YOUR GOAL: Apart from the images, every record here needs to be copied exactly.

[Dataset entries]
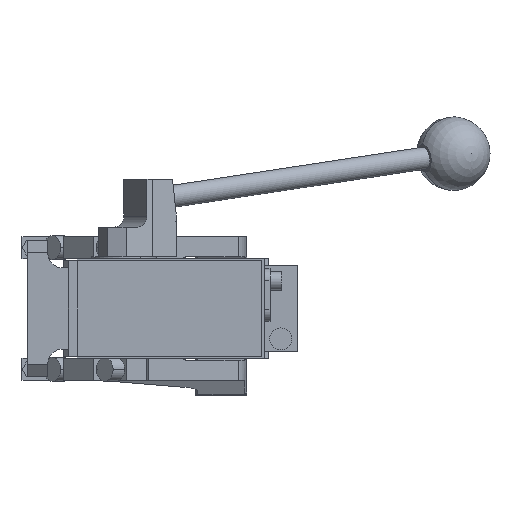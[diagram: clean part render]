
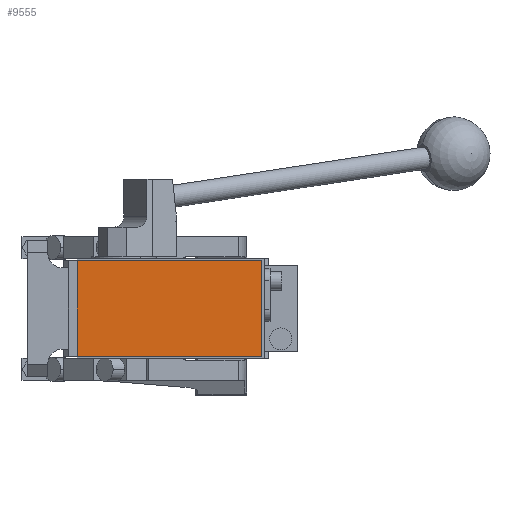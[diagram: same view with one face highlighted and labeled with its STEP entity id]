
A CAD part, front view. The second image highlights one B-rep face of the part: STEP entity #9555.
In plain terms, the highlighted planar face has unit normal (0, -1, 0).
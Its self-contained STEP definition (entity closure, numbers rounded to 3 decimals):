
#773 = ORIENTED_EDGE ( 'NONE', *, *, #14397, .T. ) ;
#864 = ORIENTED_EDGE ( 'NONE', *, *, #8194, .T. ) ;
#1442 = DIRECTION ( 'NONE',  ( -1., 0., 0. ) ) ;
#2575 = DIRECTION ( 'NONE',  ( 0., 0., 1. ) ) ;
#2615 = CARTESIAN_POINT ( 'NONE',  ( -19., -286.5, -26. ) ) ;
#3350 = VECTOR ( 'NONE', #2575, 1000. ) ;
#4769 = CARTESIAN_POINT ( 'NONE',  ( 81., -286.5, 26. ) ) ;
#4937 = AXIS2_PLACEMENT_3D ( 'NONE', #16113, #6220, #7288 ) ;
#5727 = VERTEX_POINT ( 'NONE', #2615 ) ;
#5784 = LINE ( 'NONE', #11558, #5990 ) ;
#5990 = VECTOR ( 'NONE', #1442, 1000. ) ;
#6220 = DIRECTION ( 'NONE',  ( 0., -1., 0. ) ) ;
#6283 = VERTEX_POINT ( 'NONE', #11708 ) ;
#6645 = ORIENTED_EDGE ( 'NONE', *, *, #9647, .T. ) ;
#6751 = VECTOR ( 'NONE', #11531, 1000. ) ;
#6995 = CARTESIAN_POINT ( 'NONE',  ( -19., -286.5, -26. ) ) ;
#7288 = DIRECTION ( 'NONE',  ( 0., 0., -1. ) ) ;
#7958 = LINE ( 'NONE', #6995, #10956 ) ;
#8194 = EDGE_CURVE ( 'NONE', #5727, #6283, #7958, .T. ) ;
#8680 = VERTEX_POINT ( 'NONE', #13443 ) ;
#9555 = ADVANCED_FACE ( 'NONE', ( #9826 ), #12551, .T. ) ;
#9647 = EDGE_CURVE ( 'NONE', #14940, #8680, #5784, .T. ) ;
#9826 = FACE_OUTER_BOUND ( 'NONE', #10916, .T. ) ;
#10916 = EDGE_LOOP ( 'NONE', ( #773, #864, #12688, #6645 ) ) ;
#10956 = VECTOR ( 'NONE', #12990, 1000. ) ;
#11358 = LINE ( 'NONE', #15412, #6751 ) ;
#11531 = DIRECTION ( 'NONE',  ( 0., 0., -1. ) ) ;
#11558 = CARTESIAN_POINT ( 'NONE',  ( -19., -286.5, 26. ) ) ;
#11708 = CARTESIAN_POINT ( 'NONE',  ( 81., -286.5, -26. ) ) ;
#12551 = PLANE ( 'NONE',  #4937 ) ;
#12688 = ORIENTED_EDGE ( 'NONE', *, *, #12954, .T. ) ;
#12689 = CARTESIAN_POINT ( 'NONE',  ( 81., -286.5, 26. ) ) ;
#12954 = EDGE_CURVE ( 'NONE', #6283, #14940, #15333, .T. ) ;
#12990 = DIRECTION ( 'NONE',  ( 1., 0., 0. ) ) ;
#13443 = CARTESIAN_POINT ( 'NONE',  ( -19., -286.5, 26. ) ) ;
#14397 = EDGE_CURVE ( 'NONE', #8680, #5727, #11358, .T. ) ;
#14940 = VERTEX_POINT ( 'NONE', #4769 ) ;
#15333 = LINE ( 'NONE', #12689, #3350 ) ;
#15412 = CARTESIAN_POINT ( 'NONE',  ( -19., -286.5, 26. ) ) ;
#16113 = CARTESIAN_POINT ( 'NONE',  ( 0., -286.5, 0. ) ) ;

OUTPUT FOR THIS EXERCISE:
[diagram: clean part render]
[diagram: same view with one face highlighted and labeled with its STEP entity id]
A CAD part, front view. The second image highlights one B-rep face of the part: STEP entity #9555.
In plain terms, the highlighted planar face has unit normal (0, -1, 0).
Its self-contained STEP definition (entity closure, numbers rounded to 3 decimals):
#773 = ORIENTED_EDGE ( 'NONE', *, *, #14397, .T. ) ;
#864 = ORIENTED_EDGE ( 'NONE', *, *, #8194, .T. ) ;
#1442 = DIRECTION ( 'NONE',  ( -1., 0., 0. ) ) ;
#2575 = DIRECTION ( 'NONE',  ( 0., 0., 1. ) ) ;
#2615 = CARTESIAN_POINT ( 'NONE',  ( -19., -286.5, -26. ) ) ;
#3350 = VECTOR ( 'NONE', #2575, 1000. ) ;
#4769 = CARTESIAN_POINT ( 'NONE',  ( 81., -286.5, 26. ) ) ;
#4937 = AXIS2_PLACEMENT_3D ( 'NONE', #16113, #6220, #7288 ) ;
#5727 = VERTEX_POINT ( 'NONE', #2615 ) ;
#5784 = LINE ( 'NONE', #11558, #5990 ) ;
#5990 = VECTOR ( 'NONE', #1442, 1000. ) ;
#6220 = DIRECTION ( 'NONE',  ( 0., -1., 0. ) ) ;
#6283 = VERTEX_POINT ( 'NONE', #11708 ) ;
#6645 = ORIENTED_EDGE ( 'NONE', *, *, #9647, .T. ) ;
#6751 = VECTOR ( 'NONE', #11531, 1000. ) ;
#6995 = CARTESIAN_POINT ( 'NONE',  ( -19., -286.5, -26. ) ) ;
#7288 = DIRECTION ( 'NONE',  ( 0., 0., -1. ) ) ;
#7958 = LINE ( 'NONE', #6995, #10956 ) ;
#8194 = EDGE_CURVE ( 'NONE', #5727, #6283, #7958, .T. ) ;
#8680 = VERTEX_POINT ( 'NONE', #13443 ) ;
#9555 = ADVANCED_FACE ( 'NONE', ( #9826 ), #12551, .T. ) ;
#9647 = EDGE_CURVE ( 'NONE', #14940, #8680, #5784, .T. ) ;
#9826 = FACE_OUTER_BOUND ( 'NONE', #10916, .T. ) ;
#10916 = EDGE_LOOP ( 'NONE', ( #773, #864, #12688, #6645 ) ) ;
#10956 = VECTOR ( 'NONE', #12990, 1000. ) ;
#11358 = LINE ( 'NONE', #15412, #6751 ) ;
#11531 = DIRECTION ( 'NONE',  ( 0., 0., -1. ) ) ;
#11558 = CARTESIAN_POINT ( 'NONE',  ( -19., -286.5, 26. ) ) ;
#11708 = CARTESIAN_POINT ( 'NONE',  ( 81., -286.5, -26. ) ) ;
#12551 = PLANE ( 'NONE',  #4937 ) ;
#12688 = ORIENTED_EDGE ( 'NONE', *, *, #12954, .T. ) ;
#12689 = CARTESIAN_POINT ( 'NONE',  ( 81., -286.5, 26. ) ) ;
#12954 = EDGE_CURVE ( 'NONE', #6283, #14940, #15333, .T. ) ;
#12990 = DIRECTION ( 'NONE',  ( 1., 0., 0. ) ) ;
#13443 = CARTESIAN_POINT ( 'NONE',  ( -19., -286.5, 26. ) ) ;
#14397 = EDGE_CURVE ( 'NONE', #8680, #5727, #11358, .T. ) ;
#14940 = VERTEX_POINT ( 'NONE', #4769 ) ;
#15333 = LINE ( 'NONE', #12689, #3350 ) ;
#15412 = CARTESIAN_POINT ( 'NONE',  ( -19., -286.5, 26. ) ) ;
#16113 = CARTESIAN_POINT ( 'NONE',  ( 0., -286.5, 0. ) ) ;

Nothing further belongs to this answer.